I was working on the following proof problem:
"Suppose you have an undirected graph with maximal degree (e.g. number of edges from a single vertex) $d$, and you want to color all the vertices so that none of the edges (immediately) connect two vertices of the same color. Prove this can always be done with $d+1$ different colors."
In both those threads, the proofs presented are inductive, and iterates on the number of vertices $n$ of the graph, while keeping the maximal degree $d$ fixed. The proofs are correct, and I have no issue with them.
However, I thought that it seems more natural to iterate on $d$, rather than $n$, because the theorem focuses on $d$. For example, here's a sketch of a proof that I thought of:
- Suppose the theorem is true for all undirected graphs of maximal degree $d-1$, e.g. all such graphs can be colored with $d$ colors.

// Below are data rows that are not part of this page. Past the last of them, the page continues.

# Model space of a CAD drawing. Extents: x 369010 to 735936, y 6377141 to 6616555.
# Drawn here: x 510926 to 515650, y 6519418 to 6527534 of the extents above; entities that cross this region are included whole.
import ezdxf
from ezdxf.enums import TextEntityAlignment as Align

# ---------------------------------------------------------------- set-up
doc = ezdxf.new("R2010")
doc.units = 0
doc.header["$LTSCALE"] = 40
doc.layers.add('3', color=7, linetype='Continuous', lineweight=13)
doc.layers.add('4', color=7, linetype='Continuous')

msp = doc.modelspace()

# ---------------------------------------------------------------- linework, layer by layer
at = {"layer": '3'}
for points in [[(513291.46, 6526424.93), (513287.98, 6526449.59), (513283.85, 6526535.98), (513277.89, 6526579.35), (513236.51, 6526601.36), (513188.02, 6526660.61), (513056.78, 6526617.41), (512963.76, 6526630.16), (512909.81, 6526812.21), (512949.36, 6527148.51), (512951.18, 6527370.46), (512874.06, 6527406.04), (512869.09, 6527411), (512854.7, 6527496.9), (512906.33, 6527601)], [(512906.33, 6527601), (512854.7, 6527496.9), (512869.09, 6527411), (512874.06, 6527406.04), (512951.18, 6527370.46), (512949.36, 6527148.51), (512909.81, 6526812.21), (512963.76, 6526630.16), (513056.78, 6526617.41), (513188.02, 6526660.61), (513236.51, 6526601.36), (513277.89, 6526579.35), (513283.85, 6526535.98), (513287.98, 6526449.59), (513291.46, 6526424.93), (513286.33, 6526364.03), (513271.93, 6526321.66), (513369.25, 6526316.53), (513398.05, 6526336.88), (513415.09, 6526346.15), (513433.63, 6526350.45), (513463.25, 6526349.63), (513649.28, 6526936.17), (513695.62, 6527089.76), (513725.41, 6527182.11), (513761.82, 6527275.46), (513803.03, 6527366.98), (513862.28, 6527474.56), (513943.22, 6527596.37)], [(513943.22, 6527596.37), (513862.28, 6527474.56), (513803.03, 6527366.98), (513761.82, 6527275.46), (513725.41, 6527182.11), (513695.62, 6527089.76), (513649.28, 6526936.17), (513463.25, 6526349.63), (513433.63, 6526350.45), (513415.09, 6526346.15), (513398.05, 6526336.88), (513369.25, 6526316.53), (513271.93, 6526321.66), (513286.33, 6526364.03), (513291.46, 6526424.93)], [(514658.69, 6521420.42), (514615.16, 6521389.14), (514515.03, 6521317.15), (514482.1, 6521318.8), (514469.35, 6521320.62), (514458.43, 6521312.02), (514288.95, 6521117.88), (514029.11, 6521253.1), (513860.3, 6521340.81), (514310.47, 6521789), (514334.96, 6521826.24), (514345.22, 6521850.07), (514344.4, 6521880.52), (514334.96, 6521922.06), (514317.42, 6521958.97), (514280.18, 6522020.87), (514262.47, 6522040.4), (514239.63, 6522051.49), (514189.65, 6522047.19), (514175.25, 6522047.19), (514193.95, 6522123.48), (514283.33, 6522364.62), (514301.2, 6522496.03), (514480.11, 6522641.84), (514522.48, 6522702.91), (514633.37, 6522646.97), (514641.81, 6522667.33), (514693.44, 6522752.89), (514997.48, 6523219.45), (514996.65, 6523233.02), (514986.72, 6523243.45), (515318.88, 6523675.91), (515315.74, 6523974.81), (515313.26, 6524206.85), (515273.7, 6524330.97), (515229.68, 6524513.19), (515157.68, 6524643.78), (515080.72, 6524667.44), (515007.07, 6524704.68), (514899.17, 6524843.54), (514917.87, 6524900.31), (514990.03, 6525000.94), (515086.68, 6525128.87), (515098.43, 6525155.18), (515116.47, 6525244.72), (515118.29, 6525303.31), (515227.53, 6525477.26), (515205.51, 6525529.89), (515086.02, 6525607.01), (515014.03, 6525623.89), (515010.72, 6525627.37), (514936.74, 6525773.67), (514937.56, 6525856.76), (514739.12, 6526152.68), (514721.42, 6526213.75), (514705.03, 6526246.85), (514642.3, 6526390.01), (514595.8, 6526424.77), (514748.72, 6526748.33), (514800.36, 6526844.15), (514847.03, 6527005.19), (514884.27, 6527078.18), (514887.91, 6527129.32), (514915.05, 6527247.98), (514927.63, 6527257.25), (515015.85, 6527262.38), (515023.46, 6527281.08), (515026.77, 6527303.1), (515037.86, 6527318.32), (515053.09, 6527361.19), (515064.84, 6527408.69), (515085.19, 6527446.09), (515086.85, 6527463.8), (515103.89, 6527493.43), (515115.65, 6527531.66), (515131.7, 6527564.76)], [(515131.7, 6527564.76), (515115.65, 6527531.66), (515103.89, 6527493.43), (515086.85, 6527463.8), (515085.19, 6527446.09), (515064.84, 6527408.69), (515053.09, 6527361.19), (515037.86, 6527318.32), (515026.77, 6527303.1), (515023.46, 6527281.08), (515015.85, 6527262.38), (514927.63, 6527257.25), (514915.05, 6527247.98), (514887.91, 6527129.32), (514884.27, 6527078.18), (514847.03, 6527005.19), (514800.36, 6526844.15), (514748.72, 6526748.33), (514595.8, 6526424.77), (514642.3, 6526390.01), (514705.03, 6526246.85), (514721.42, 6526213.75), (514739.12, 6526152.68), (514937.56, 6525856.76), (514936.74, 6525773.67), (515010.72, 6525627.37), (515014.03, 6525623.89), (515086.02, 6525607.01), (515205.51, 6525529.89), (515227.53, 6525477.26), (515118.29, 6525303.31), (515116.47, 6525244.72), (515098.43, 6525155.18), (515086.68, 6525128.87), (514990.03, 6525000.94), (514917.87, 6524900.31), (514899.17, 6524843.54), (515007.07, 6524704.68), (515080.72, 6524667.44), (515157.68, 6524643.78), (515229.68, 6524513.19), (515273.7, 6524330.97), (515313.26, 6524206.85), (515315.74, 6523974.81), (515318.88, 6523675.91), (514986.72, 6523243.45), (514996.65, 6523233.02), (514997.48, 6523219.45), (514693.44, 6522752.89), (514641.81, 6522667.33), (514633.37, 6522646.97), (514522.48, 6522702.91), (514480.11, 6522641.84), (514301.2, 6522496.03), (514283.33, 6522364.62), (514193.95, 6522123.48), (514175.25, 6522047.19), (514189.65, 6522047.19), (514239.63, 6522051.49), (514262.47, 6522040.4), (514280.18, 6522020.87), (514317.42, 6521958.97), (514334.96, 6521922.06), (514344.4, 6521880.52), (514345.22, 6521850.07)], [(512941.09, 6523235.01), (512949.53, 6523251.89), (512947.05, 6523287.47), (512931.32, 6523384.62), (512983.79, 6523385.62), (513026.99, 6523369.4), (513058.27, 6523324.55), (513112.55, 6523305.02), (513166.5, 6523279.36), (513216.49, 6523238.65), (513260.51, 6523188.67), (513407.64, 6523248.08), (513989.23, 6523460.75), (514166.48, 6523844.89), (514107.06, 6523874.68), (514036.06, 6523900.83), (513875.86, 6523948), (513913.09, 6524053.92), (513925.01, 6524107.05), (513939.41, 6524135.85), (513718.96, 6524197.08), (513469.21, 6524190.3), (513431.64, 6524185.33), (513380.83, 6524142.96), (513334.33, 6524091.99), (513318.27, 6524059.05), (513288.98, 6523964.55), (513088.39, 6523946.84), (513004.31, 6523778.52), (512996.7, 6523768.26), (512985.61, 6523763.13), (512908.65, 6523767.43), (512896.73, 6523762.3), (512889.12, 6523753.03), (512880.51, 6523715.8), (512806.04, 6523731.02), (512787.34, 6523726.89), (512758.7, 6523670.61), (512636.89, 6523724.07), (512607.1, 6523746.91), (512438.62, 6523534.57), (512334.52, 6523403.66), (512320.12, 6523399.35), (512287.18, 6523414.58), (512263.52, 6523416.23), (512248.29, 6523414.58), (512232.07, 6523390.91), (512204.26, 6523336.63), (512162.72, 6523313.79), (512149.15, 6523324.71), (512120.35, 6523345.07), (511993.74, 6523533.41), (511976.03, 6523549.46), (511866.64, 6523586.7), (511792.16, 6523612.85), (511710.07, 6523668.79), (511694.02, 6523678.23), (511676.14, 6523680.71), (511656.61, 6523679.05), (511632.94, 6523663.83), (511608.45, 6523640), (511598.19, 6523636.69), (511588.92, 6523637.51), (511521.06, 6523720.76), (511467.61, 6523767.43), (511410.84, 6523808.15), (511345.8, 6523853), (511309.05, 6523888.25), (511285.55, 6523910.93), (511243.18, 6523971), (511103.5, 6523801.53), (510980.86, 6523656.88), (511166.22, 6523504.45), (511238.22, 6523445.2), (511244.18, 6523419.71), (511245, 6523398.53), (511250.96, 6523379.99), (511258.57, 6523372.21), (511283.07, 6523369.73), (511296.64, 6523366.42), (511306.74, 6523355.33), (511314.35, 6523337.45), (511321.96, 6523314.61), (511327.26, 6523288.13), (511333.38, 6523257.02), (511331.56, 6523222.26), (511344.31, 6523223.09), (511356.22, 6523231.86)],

- Then, suppose we have a graph with maximal degree $d$. This means there is at least one vertex with $d$ edges touching it.
- Take all such vertices and remove them, and we will will be left with a graph of maximal degree $d-1$, and this remaining graph can be colored with $d$ colors, as we initially assumed
- Now take the vertices that we removed, paint them a $d+1$th color, and then put them back in the original graph with their edges. Hence, we have a maximal-degree $d$ graph that can be colored with $d+1$ colors.
This proof seems conceptually more natural than the ones presented in the previous threads, so I'm wondering if this proof is valid?